(Records contained in a dataset)
▽

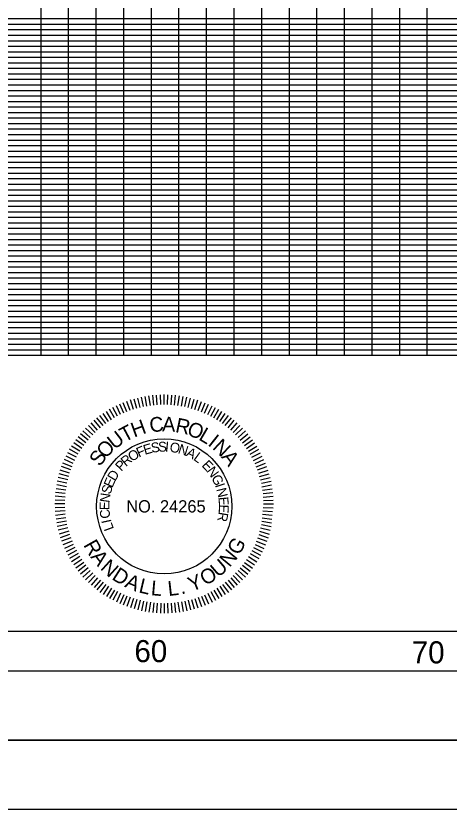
# Model space of a CAD drawing. Extents: x -15 to 165, y -6 to 109.
# Drawn here: x 135.09 to 150.79, y -6.45 to 22.3 of the extents above; entities that cross this region are included whole.
import ezdxf

# ---------------------------------------------------------------- set-up
doc = ezdxf.new("R2010")
doc.units = 0
for name, color, linetype in [('RD_SHT_Bndy', 7, 'Continuous'), ('RD_SHT_Iplotshp', 7, 'Continuous'), ('RD_SHT_MjGrid', 7, 'Continuous'), ('RD_SHT_MnGrid', 7, 'Continuous'), ('RD_SHT_SubGrid', 7, 'Continuous'), ('RD_SHT_TX', 7, 'Continuous'), ('RD_TX_PEShield', 7, 'Continuous')]:
    doc.layers.add(name, color=color, linetype=linetype)

msp = doc.modelspace()

# ---------------------------------------------------------------- linework, layer by layer
at = {"layer": 'RD_SHT_Bndy'}
for p, q in [((-12.73, -3.949), (163.27, -3.949)), ((-12.73, -6.449), (163.27, -6.449))]:
    msp.add_line(p, q, dxfattribs=at)
msp.add_lwpolyline([(-4.99, 103.551), (162.51, 103.551), (162.51, -1.449), (-4.99, -1.449)], close=True, dxfattribs=at)
at = {"layer": 'RD_SHT_Iplotshp'}
msp.add_lwpolyline([(-14.589, 106.051), (165.01, 106.051), (165.01, -3.949), (-14.589, -3.949)], close=True, dxfattribs=at)
at = {"layer": 'RD_SHT_MjGrid'}
for p, q in [((140, 10), (140, 100)), ((145, 10), (145, 100)), ((150, 10), (150, 100)), ((0, 20), (160, 20)), ((0, 15), (160, 15)), ((0, 10), (160, 10)), ((0, 0), (160, 0))]:
    msp.add_line(p, q, dxfattribs=at)
at = {"layer": 'RD_SHT_MnGrid'}
for p, q in [((136, 10), (136, 100)), ((137, 10), (137, 100)), ((138, 10), (138, 100)), ((139, 10), (139, 100)), ((141, 10), (141, 100)), ((142, 10), (142, 100)), ((143, 10), (143, 100)), ((144, 10), (144, 100)), ((146, 10), (146, 100)), ((147, 10), (147, 100)), ((148, 10), (148, 100)), ((149, 10), (149, 100)), ((0, 22), (160, 22)), ((0, 21), (160, 21)), ((0, 19), (160, 19)), ((0, 18), (160, 18)), ((0, 17), (160, 17)), ((0, 16), (160, 16)), ((0, 14), (160, 14)), ((0, 13), (160, 13)), ((0, 12), (160, 12)), ((0, 11), (160, 11))]:
    msp.add_line(p, q, dxfattribs=at)
at = {"layer": 'RD_SHT_SubGrid'}
for p, q in [((0, 22.2), (160, 22.2)), ((0, 21.8), (160, 21.8)), ((0, 21.6), (160, 21.6)), ((0, 21.4), (160, 21.4)), ((0, 21.2), (160, 21.2)), ((0, 20.8), (160, 20.8)), ((0, 20.6), (160, 20.6)), ((0, 20.4), (160, 20.4)), ((0, 20.2), (160, 20.2)), ((0, 19.8), (160, 19.8)), ((0, 19.6), (160, 19.6)), ((0, 19.4), (160, 19.4)), ((0, 19.2), (160, 19.2)), ((0, 18.8), (160, 18.8)), ((0, 18.6), (160, 18.6)), ((0, 18.4), (160, 18.4)), ((0, 18.2), (160, 18.2)), ((0, 17.8), (160, 17.8)), ((0, 17.6), (160, 17.6)), ((0, 17.4), (160, 17.4)), ((0, 17.2), (160, 17.2)), ((0, 16.8), (160, 16.8)), ((0, 16.6), (160, 16.6)), ((0, 16.4), (160, 16.4)), ((0, 16.2), (160, 16.2)), ((0, 15.8), (160, 15.8)), ((0, 15.6), (160, 15.6)), ((0, 15.4), (160, 15.4)), ((0, 15.2), (160, 15.2)), ((0, 14.8), (160, 14.8)), ((0, 14.6), (160, 14.6)), ((0, 14.4), (160, 14.4)), ((0, 14.2), (160, 14.2)), ((0, 13.8), (160, 13.8)), ((0, 13.6), (160, 13.6)), ((0, 13.4), (160, 13.4)), ((0, 13.2), (160, 13.2)), ((0, 12.8), (160, 12.8)), ((0, 12.6), (160, 12.6)), ((0, 12.4), (160, 12.4)), ((0, 12.2), (160, 12.2)), ((0, 11.8), (160, 11.8)), ((0, 11.6), (160, 11.6)), ((0, 11.4), (160, 11.4)), ((0, 11.2), (160, 11.2)), ((0, 10.8), (160, 10.8)), ((0, 10.6), (160, 10.6)), ((0, 10.4), (160, 10.4)), ((0, 10.2), (160, 10.2))]:
    msp.add_line(p, q, dxfattribs=at)
at = {"layer": 'RD_TX_PEShield'}
for p, q in [((139.349, 8.04), (139.239, 8.379)), ((139.349, 8.04), (139.239, 8.379)), ((139.47, 8.073), (139.372, 8.414)), ((139.47, 8.073), (139.372, 8.414)), ((139.592, 8.105), (139.506, 8.45)), ((139.592, 8.105), (139.506, 8.45)), ((139.713, 8.138), (139.639, 8.486)), ((139.713, 8.138), (139.639, 8.486)), ((139.838, 8.157), (139.776, 8.508)), ((139.838, 8.157), (139.776, 8.508)), ((139.962, 8.177), (139.912, 8.529)), ((139.962, 8.177), (139.912, 8.529)), ((140.086, 8.197), (140.049, 8.551)), ((140.086, 8.197), (140.049, 8.551)), ((140.212, 8.203), (140.187, 8.558)), ((140.212, 8.203), (140.187, 8.558)), ((140.337, 8.21), (140.325, 8.565)), ((140.337, 8.21), (140.325, 8.565)), ((140.463, 8.217), (140.463, 8.573)), ((140.463, 8.217), (140.463, 8.573)), ((140.588, 8.21), (140.601, 8.565)), ((140.588, 8.21), (140.601, 8.565)), ((140.714, 8.203), (140.739, 8.558)), ((140.714, 8.203), (140.739, 8.558)), ((140.84, 8.197), (140.877, 8.551)), ((140.84, 8.197), (140.877, 8.551)), ((140.964, 8.177), (141.013, 8.529)), ((140.964, 8.177), (141.013, 8.529)), ((141.088, 8.157), (141.15, 8.508)), ((141.088, 8.157), (141.15, 8.508)), ((141.212, 8.138), (141.286, 8.486)), ((141.212, 8.138), (141.286, 8.486)), ((141.212, 8.138), (141.286, 8.486)), ((141.334, 8.105), (141.42, 8.45)), ((141.334, 8.105), (141.42, 8.45)), ((141.334, 8.105), (141.42, 8.45)), ((141.455, 8.073), (141.553, 8.414)), ((141.455, 8.073), (141.553, 8.414)), ((141.455, 8.073), (141.553, 8.414)), ((141.577, 8.04), (141.687, 8.379)), ((141.577, 8.04), (141.687, 8.379)), ((141.577, 8.04), (141.687, 8.379)), ((138.773, 7.791), (138.606, 8.105)), ((138.773, 7.791), (138.606, 8.105)), ((138.885, 7.848), (138.729, 8.167)), ((138.885, 7.848), (138.729, 8.167)), ((138.997, 7.905), (138.852, 8.23)), ((138.997, 7.905), (138.852, 8.23)), ((139.114, 7.95), (138.981, 8.28)), ((139.114, 7.95), (138.981, 8.28)), ((139.231, 7.995), (139.11, 8.329)), ((139.231, 7.995), (139.11, 8.329)), ((141.694, 7.995), (141.816, 8.329)), ((141.694, 7.995), (141.816, 8.329)), ((141.694, 7.995), (141.816, 8.329)), ((141.811, 7.95), (141.945, 8.28)), ((141.811, 7.95), (141.945, 8.28)), ((141.811, 7.95), (141.945, 8.28)), ((141.929, 7.905), (142.074, 8.23)), ((141.929, 7.905), (142.074, 8.23)), ((141.929, 7.905), (142.074, 8.23)), ((142.041, 7.848), (142.197, 8.167)), ((142.041, 7.848), (142.197, 8.167)), ((142.041, 7.848), (142.197, 8.167)), ((142.153, 7.791), (142.32, 8.105)), ((142.153, 7.791), (142.32, 8.105)), ((142.153, 7.791), (142.32, 8.105)), ((138.344, 7.528), (138.135, 7.816)), ((138.344, 7.528), (138.135, 7.816)), ((138.45, 7.597), (138.251, 7.891)), ((138.45, 7.597), (138.251, 7.891)), ((138.555, 7.665), (138.367, 7.967)), ((138.555, 7.665), (138.367, 7.967)), ((138.661, 7.734), (138.483, 8.042)), ((138.661, 7.734), (138.483, 8.042)), ((142.265, 7.734), (142.443, 8.042)), ((142.265, 7.734), (142.443, 8.042)), ((142.265, 7.734), (142.443, 8.042)), ((142.371, 7.665), (142.559, 7.967)), ((142.371, 7.665), (142.559, 7.967)), ((142.371, 7.665), (142.559, 7.967)), ((142.476, 7.597), (142.675, 7.891)), ((142.476, 7.597), (142.675, 7.891)), ((142.476, 7.597), (142.675, 7.891)), ((142.581, 7.528), (142.791, 7.816)), ((142.581, 7.528), (142.791, 7.816)), ((142.581, 7.528), (142.791, 7.816)), ((138.051, 7.291), (137.813, 7.555)), ((138.051, 7.291), (137.813, 7.555)), ((138.149, 7.37), (137.92, 7.642)), ((138.149, 7.37), (137.92, 7.642)), ((138.246, 7.449), (138.027, 7.729)), ((138.246, 7.449), (138.027, 7.729)), ((142.679, 7.449), (142.898, 7.729)), ((142.679, 7.449), (142.898, 7.729)), ((142.679, 7.449), (142.898, 7.729)), ((142.777, 7.37), (143.005, 7.642)), ((142.777, 7.37), (143.005, 7.642)), ((142.777, 7.37), (143.005, 7.642)), ((142.875, 7.291), (143.113, 7.555)), ((142.875, 7.291), (143.113, 7.555)), ((142.875, 7.291), (143.113, 7.555)), ((137.784, 7.024), (137.52, 7.262)), ((137.784, 7.024), (137.52, 7.262)), ((137.873, 7.113), (137.617, 7.36)), ((137.873, 7.113), (137.617, 7.36)), ((137.962, 7.202), (137.715, 7.457)), ((137.962, 7.202), (137.715, 7.457)), ((142.964, 7.202), (143.211, 7.457)), ((142.964, 7.202), (143.211, 7.457)), ((142.964, 7.202), (143.211, 7.457)), ((143.052, 7.113), (143.308, 7.36)), ((143.052, 7.113), (143.308, 7.36)), ((143.052, 7.113), (143.308, 7.36)), ((143.141, 7.024), (143.406, 7.262)), ((143.141, 7.024), (143.406, 7.262)), ((143.141, 7.024), (143.406, 7.262)), ((137.547, 6.731), (137.259, 6.94)), ((137.547, 6.731), (137.259, 6.94)), ((137.626, 6.828), (137.346, 7.047)), ((137.626, 6.828), (137.346, 7.047)), ((137.705, 6.926), (137.433, 7.155)), ((137.705, 6.926), (137.433, 7.155)), ((143.221, 6.926), (143.493, 7.155)), ((143.221, 6.926), (143.493, 7.155)), ((143.221, 6.926), (143.493, 7.155)), ((143.3, 6.828), (143.58, 7.047)), ((143.3, 6.828), (143.58, 7.047)), ((143.3, 6.828), (143.58, 7.047)), ((143.379, 6.731), (143.667, 6.94)), ((143.379, 6.731), (143.667, 6.94)), ((143.379, 6.731), (143.667, 6.94)), ((137.41, 6.52), (137.108, 6.708)), ((137.41, 6.52), (137.108, 6.708)), ((137.478, 6.625), (137.183, 6.824)), ((137.478, 6.625), (137.183, 6.824)), ((143.447, 6.625), (143.742, 6.824)), ((143.447, 6.625), (143.742, 6.824)), ((143.447, 6.625), (143.742, 6.824)), ((143.516, 6.52), (143.817, 6.708)), ((143.516, 6.52), (143.817, 6.708)), ((143.516, 6.52), (143.817, 6.708)), ((137.227, 6.19), (136.907, 6.346)), ((137.227, 6.19), (136.907, 6.346)), ((137.284, 6.302), (136.97, 6.469)), ((137.284, 6.302), (136.97, 6.469)), ((137.341, 6.414), (137.033, 6.592)), ((137.341, 6.414), (137.033, 6.592)), ((143.584, 6.414), (143.893, 6.592)), ((143.584, 6.414), (143.893, 6.592)), ((143.584, 6.414), (143.893, 6.592)), ((143.641, 6.302), (143.955, 6.469)), ((143.641, 6.302), (143.955, 6.469)), ((143.641, 6.302), (143.955, 6.469)), ((143.699, 6.19), (144.018, 6.346)), ((143.699, 6.19), (144.018, 6.346)), ((143.699, 6.19), (144.018, 6.346)), ((137.125, 5.961), (136.795, 6.094)), ((137.125, 5.961), (136.795, 6.094)), ((137.17, 6.078), (136.845, 6.223)), ((137.17, 6.078), (136.845, 6.223)), ((143.756, 6.078), (144.081, 6.223)), ((143.756, 6.078), (144.081, 6.223)), ((143.756, 6.078), (144.081, 6.223)), ((143.801, 5.961), (144.13, 6.094)), ((143.801, 5.961), (144.13, 6.094)), ((143.801, 5.961), (144.13, 6.094)), ((137.035, 5.726), (136.696, 5.836)), ((137.035, 5.726), (136.696, 5.836)), ((137.08, 5.843), (136.746, 5.965)), ((137.08, 5.843), (136.746, 5.965)), ((143.846, 5.843), (144.18, 5.965)), ((143.846, 5.843), (144.18, 5.965)), ((143.846, 5.843), (144.18, 5.965)), ((143.891, 5.726), (144.229, 5.836)), ((143.891, 5.726), (144.229, 5.836)), ((143.891, 5.726), (144.229, 5.836)), ((136.97, 5.483), (136.625, 5.569)), ((136.97, 5.483), (136.625, 5.569)), ((137.002, 5.604), (136.66, 5.702)), ((137.002, 5.604), (136.66, 5.702)), ((143.923, 5.604), (144.265, 5.702)), ((143.923, 5.604), (144.265, 5.702)), ((143.923, 5.604), (144.265, 5.702)), ((143.956, 5.483), (144.301, 5.569)), ((143.956, 5.483), (144.301, 5.569)), ((143.956, 5.483), (144.301, 5.569)), ((136.917, 5.237), (136.567, 5.299)), ((136.917, 5.237), (136.567, 5.299)), ((136.937, 5.361), (136.589, 5.435)), ((136.937, 5.361), (136.589, 5.435)), ((143.988, 5.361), (144.337, 5.435)), ((143.988, 5.361), (144.337, 5.435)), ((143.988, 5.361), (144.337, 5.435)), ((144.008, 5.237), (144.358, 5.299)), ((144.008, 5.237), (144.358, 5.299)), ((144.008, 5.237), (144.358, 5.299)), ((136.871, 4.863), (136.517, 4.888)), ((136.871, 4.863), (136.517, 4.888)), ((136.878, 4.989), (136.524, 5.026)), ((136.878, 4.989), (136.524, 5.026)), ((136.898, 5.113), (136.546, 5.163)), ((136.898, 5.113), (136.546, 5.163)), ((144.028, 5.113), (144.38, 5.163)), ((144.028, 5.113), (144.38, 5.163)), ((144.028, 5.113), (144.38, 5.163)), ((144.048, 4.989), (144.402, 5.026)), ((144.048, 4.989), (144.402, 5.026)), ((144.048, 4.989), (144.402, 5.026)), ((144.054, 4.863), (144.409, 4.888)), ((144.054, 4.863), (144.409, 4.888)), ((144.054, 4.863), (144.409, 4.888)), ((136.858, 4.612), (136.502, 4.612)), ((136.858, 4.612), (136.502, 4.612)), ((136.865, 4.738), (136.509, 4.75)), ((136.865, 4.738), (136.509, 4.75)), ((144.061, 4.738), (144.416, 4.75)), ((144.061, 4.738), (144.416, 4.75)), ((144.061, 4.738), (144.416, 4.75)), ((144.067, 4.612), (144.423, 4.612)), ((144.067, 4.612), (144.423, 4.612)), ((144.067, 4.612), (144.423, 4.612)), ((136.865, 4.486), (136.509, 4.474)), ((136.865, 4.486), (136.509, 4.474)), ((136.871, 4.361), (136.517, 4.336)), ((136.871, 4.361), (136.517, 4.336)), ((144.041, 4.362), (144.394, 4.337)), ((144.041, 4.362), (144.394, 4.337)), ((144.054, 4.487), (144.409, 4.474)), ((144.054, 4.487), (144.409, 4.474)), ((136.878, 4.235), (136.524, 4.198)), ((136.878, 4.235), (136.524, 4.198)), ((136.898, 4.111), (136.546, 4.061)), ((136.898, 4.111), (136.546, 4.061)), ((144.015, 4.113), (144.366, 4.063)), ((144.015, 4.113), (144.366, 4.063)), ((144.028, 4.237), (144.38, 4.2)), ((144.028, 4.237), (144.38, 4.2)), ((136.917, 3.987), (136.567, 3.925)), ((136.917, 3.987), (136.567, 3.925)), ((136.937, 3.863), (136.589, 3.789)), ((136.937, 3.863), (136.589, 3.789)), ((136.97, 3.741), (136.625, 3.655)), ((136.97, 3.741), (136.625, 3.655)), ((143.956, 3.741), (144.301, 3.655)), ((143.956, 3.741), (144.301, 3.655)), ((143.988, 3.863), (144.337, 3.789)), ((143.988, 3.863), (144.337, 3.789)), ((144.002, 3.988), (144.351, 3.926)), ((144.002, 3.988), (144.351, 3.926)), ((137.002, 3.62), (136.66, 3.522)), ((137.002, 3.62), (136.66, 3.522)), ((137.035, 3.498), (136.696, 3.388)), ((143.891, 3.498), (144.229, 3.388)), ((143.891, 3.498), (144.229, 3.388)), ((143.923, 3.62), (144.265, 3.522)), ((143.923, 3.62), (144.265, 3.522)), ((137.08, 3.381), (136.746, 3.259)), ((137.08, 3.381), (136.746, 3.259)), ((137.125, 3.263), (136.795, 3.13)), ((137.125, 3.263), (136.795, 3.13)), ((143.801, 3.263), (144.13, 3.13)), ((143.801, 3.263), (144.13, 3.13)), ((143.846, 3.381), (144.18, 3.259)), ((143.846, 3.381), (144.18, 3.259)), ((137.17, 3.146), (136.845, 3.001)), ((137.17, 3.146), (136.845, 3.001)), ((137.227, 3.034), (136.907, 2.878)), ((137.227, 3.034), (136.907, 2.878)), ((137.284, 2.922), (136.97, 2.755)), ((137.284, 2.922), (136.97, 2.755)), ((143.641, 2.922), (143.955, 2.755)), ((143.641, 2.922), (143.955, 2.755)), ((143.699, 3.034), (144.018, 2.878)), ((143.699, 3.034), (144.018, 2.878)), ((143.756, 3.146), (144.081, 3.001)), ((143.756, 3.146), (144.081, 3.001)), ((137.341, 2.81), (137.033, 2.632)), ((137.341, 2.81), (137.033, 2.632)), ((137.41, 2.704), (137.108, 2.516)), ((137.41, 2.704), (137.108, 2.516)), ((137.478, 2.599), (137.183, 2.4)), ((137.478, 2.599), (137.183, 2.4)), ((143.447, 2.599), (143.742, 2.4)), ((143.447, 2.599), (143.742, 2.4)), ((143.516, 2.704), (143.817, 2.516)), ((143.516, 2.704), (143.817, 2.516)), ((143.584, 2.81), (143.893, 2.632)), ((143.584, 2.81), (143.893, 2.632)), ((137.547, 2.493), (137.259, 2.284)), ((137.547, 2.493), (137.259, 2.284)), ((137.626, 2.396), (137.346, 2.177)), ((137.626, 2.396), (137.346, 2.177)), ((143.3, 2.396), (143.58, 2.177)), ((143.3, 2.396), (143.58, 2.177)), ((143.379, 2.493), (143.667, 2.284)), ((143.379, 2.493), (143.667, 2.284)), ((137.705, 2.298), (137.433, 2.069)), ((137.705, 2.298), (137.433, 2.069)), ((137.784, 2.2), (137.52, 1.962)), ((137.784, 2.2), (137.52, 1.962)), ((137.873, 2.111), (137.617, 1.864)), ((137.873, 2.111), (137.617, 1.864)), ((137.962, 2.022), (137.715, 1.767)), ((137.962, 2.022), (137.715, 1.767)), ((142.964, 2.022), (143.211, 1.767)), ((142.964, 2.022), (143.211, 1.767)), ((143.052, 2.111), (143.308, 1.864)), ((143.052, 2.111), (143.308, 1.864)), ((143.141, 2.2), (143.406, 1.962)), ((143.141, 2.2), (143.406, 1.962)), ((143.221, 2.298), (143.493, 2.069)), ((143.221, 2.298), (143.493, 2.069)), ((138.051, 1.933), (137.813, 1.669)), ((138.051, 1.933), (137.813, 1.669)), ((138.149, 1.854), (137.92, 1.582)), ((138.149, 1.854), (137.92, 1.582)), ((138.246, 1.775), (138.027, 1.495)), ((138.246, 1.775), (138.027, 1.495)), ((142.679, 1.775), (142.898, 1.495)), ((142.679, 1.775), (142.898, 1.495)), ((142.777, 1.854), (143.005, 1.582)), ((142.777, 1.854), (143.005, 1.582)), ((142.875, 1.933), (143.113, 1.669)), ((138.344, 1.696), (138.135, 1.408)), ((138.344, 1.696), (138.135, 1.408)), ((138.45, 1.627), (138.251, 1.333)), ((138.45, 1.627), (138.251, 1.333)), ((138.555, 1.559), (138.367, 1.257)), ((138.555, 1.559), (138.367, 1.257)), ((138.661, 1.49), (138.483, 1.182)), ((138.661, 1.49), (138.483, 1.182)), ((142.265, 1.49), (142.443, 1.182)), ((142.265, 1.49), (142.443, 1.182)), ((142.371, 1.559), (142.559, 1.257)), ((142.371, 1.559), (142.559, 1.257)), ((142.476, 1.627), (142.675, 1.333)), ((142.476, 1.627), (142.675, 1.333)), ((142.581, 1.696), (142.791, 1.408)), ((142.581, 1.696), (142.791, 1.408)), ((138.773, 1.433), (138.606, 1.119)), ((138.773, 1.433), (138.606, 1.119)), ((138.885, 1.376), (138.729, 1.057)), ((138.885, 1.376), (138.729, 1.057)), ((138.997, 1.319), (138.852, 0.994)), ((138.997, 1.319), (138.852, 0.994)), ((139.114, 1.274), (138.981, 0.944)), ((139.114, 1.274), (138.981, 0.944)), ((139.231, 1.229), (139.11, 0.895)), ((139.231, 1.229), (139.11, 0.895)), ((139.349, 1.184), (139.239, 0.845)), ((139.349, 1.184), (139.239, 0.845)), ((139.47, 1.151), (139.372, 0.81)), ((139.47, 1.151), (139.372, 0.81)), ((141.455, 1.151), (141.553, 0.81)), ((141.455, 1.151), (141.553, 0.81)), ((141.577, 1.184), (141.687, 0.845)), ((141.577, 1.184), (141.687, 0.845)), ((141.694, 1.229), (141.816, 0.895)), ((141.694, 1.229), (141.816, 0.895)), ((141.811, 1.274), (141.945, 0.944)), ((141.811, 1.274), (141.945, 0.944)), ((141.929, 1.319), (142.074, 0.994)), ((141.929, 1.319), (142.074, 0.994)), ((142.041, 1.376), (142.197, 1.057)), ((142.041, 1.376), (142.197, 1.057)), ((142.153, 1.433), (142.32, 1.119)), ((142.153, 1.433), (142.32, 1.119)), ((139.592, 1.119), (139.506, 0.774)), ((139.592, 1.119), (139.506, 0.774)), ((139.713, 1.086), (139.639, 0.738)), ((139.713, 1.086), (139.639, 0.738)), ((139.838, 1.067), (139.776, 0.716)), ((139.838, 1.067), (139.776, 0.716)), ((139.962, 1.047), (139.912, 0.695)), ((139.962, 1.047), (139.912, 0.695)), ((140.086, 1.027), (140.049, 0.673)), ((140.086, 1.027), (140.049, 0.673)), ((140.212, 1.021), (140.187, 0.666)), ((140.212, 1.021), (140.187, 0.666)), ((140.337, 1.014), (140.325, 0.659)), ((140.337, 1.014), (140.325, 0.659)), ((140.463, 1.008), (140.463, 0.652)), ((140.463, 1.008), (140.463, 0.652)), ((140.588, 1.014), (140.601, 0.659)), ((140.588, 1.014), (140.601, 0.659)), ((140.714, 1.021), (140.739, 0.666)), ((140.714, 1.021), (140.739, 0.666)), ((140.84, 1.027), (140.877, 0.673)), ((140.84, 1.027), (140.877, 0.673)), ((140.964, 1.047), (141.013, 0.695)), ((140.964, 1.047), (141.013, 0.695)), ((141.088, 1.067), (141.15, 0.716)), ((141.088, 1.067), (141.15, 0.716)), ((141.212, 1.086), (141.286, 0.738)), ((141.212, 1.086), (141.286, 0.738)), ((141.334, 1.119), (141.42, 0.774)), ((141.334, 1.119), (141.42, 0.774))]:
    msp.add_line(p, q, dxfattribs=at)
msp.add_circle((140.463, 4.524), 2.448, dxfattribs=at)

# ---------------------------------------------------------------- texts
at = {"layer": 'RD_SHT_TX'}
for s, p in [('60', (139.385, -1.123)), ('70', (149.438, -1.167))]:
    msp.add_text(s, height=0.8, dxfattribs=at).set_placement(p)
at = {"layer": 'RD_TX_PEShield'}
for s, height, rotation, p in [('C', 0.534, 6.8832, (139.962, 7.198)), ('A', 0.534, 357.9448, (140.384, 7.243)), ('T', 0.534, 28.0947, (139.029, 6.836)), ('H', 0.534, 19.9102, (139.372, 7.016)), ('R', 0.534, 348.267, (140.842, 7.218)), ('O', 0.534, 339.3286, (141.256, 7.126)), ('U', 0.534, 37.7726, (138.661, 6.562)), ('L', 0.534, 329.6507, (141.682, 6.956)), ('I', 0.534, 321.4663, (142.016, 6.758)), ('N', 0.534, 317.0007, (142.185, 6.63)), ('O', 0.534, 47.4504, (138.344, 6.23)), ('F', 0.356, 23.0853, (139.544, 6.29)), ('E', 0.356, 16.1843, (139.763, 6.388)), ('S', 0.356, 8.6909, (140.012, 6.463)), ('S', 0.356, 1.79, (140.248, 6.503)), ('I', 0.356, 354.889, (140.487, 6.515)), ('O', 0.356, 350.4045, (140.643, 6.507)), ('N', 0.356, 341.7029, (140.941, 6.457)), ('A', 0.356, 333.0013, (141.227, 6.362)), ('S', 0.534, 54.9027, (138.14, 5.941)), ('R', 0.356, 39.8902, (139.072, 5.949)), ('O', 0.356, 31.7869, (139.287, 6.131)), ('L', 0.356, 324.2997, (141.497, 6.225)), ('A', 0.534, 307.3229, (142.514, 6.31)), ('P', 0.356, 46.7912, (138.911, 5.771)), ('E', 0.356, 313.2251, (141.804, 5.995)), ('D', 0.356, 59.074, (138.682, 5.413)), ('N', 0.356, 305.7317, (141.984, 5.808)), ('E', 0.356, 66.5674, (138.581, 5.173)), ('G', 0.356, 297.0301, (142.161, 5.563)), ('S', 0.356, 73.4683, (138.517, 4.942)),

△

Only the lines from the top of the data through the line with "import ezdxf" should be quoted, exactly and with both ends kept; skip the pictures.

◆ Output for this exercise:
# Model space of a CAD drawing. Extents: x -15 to 165, y -6 to 109.
# Drawn here: x 135.09 to 150.79, y -6.45 to 22.3 of the extents above; entities that cross this region are included whole.
import ezdxf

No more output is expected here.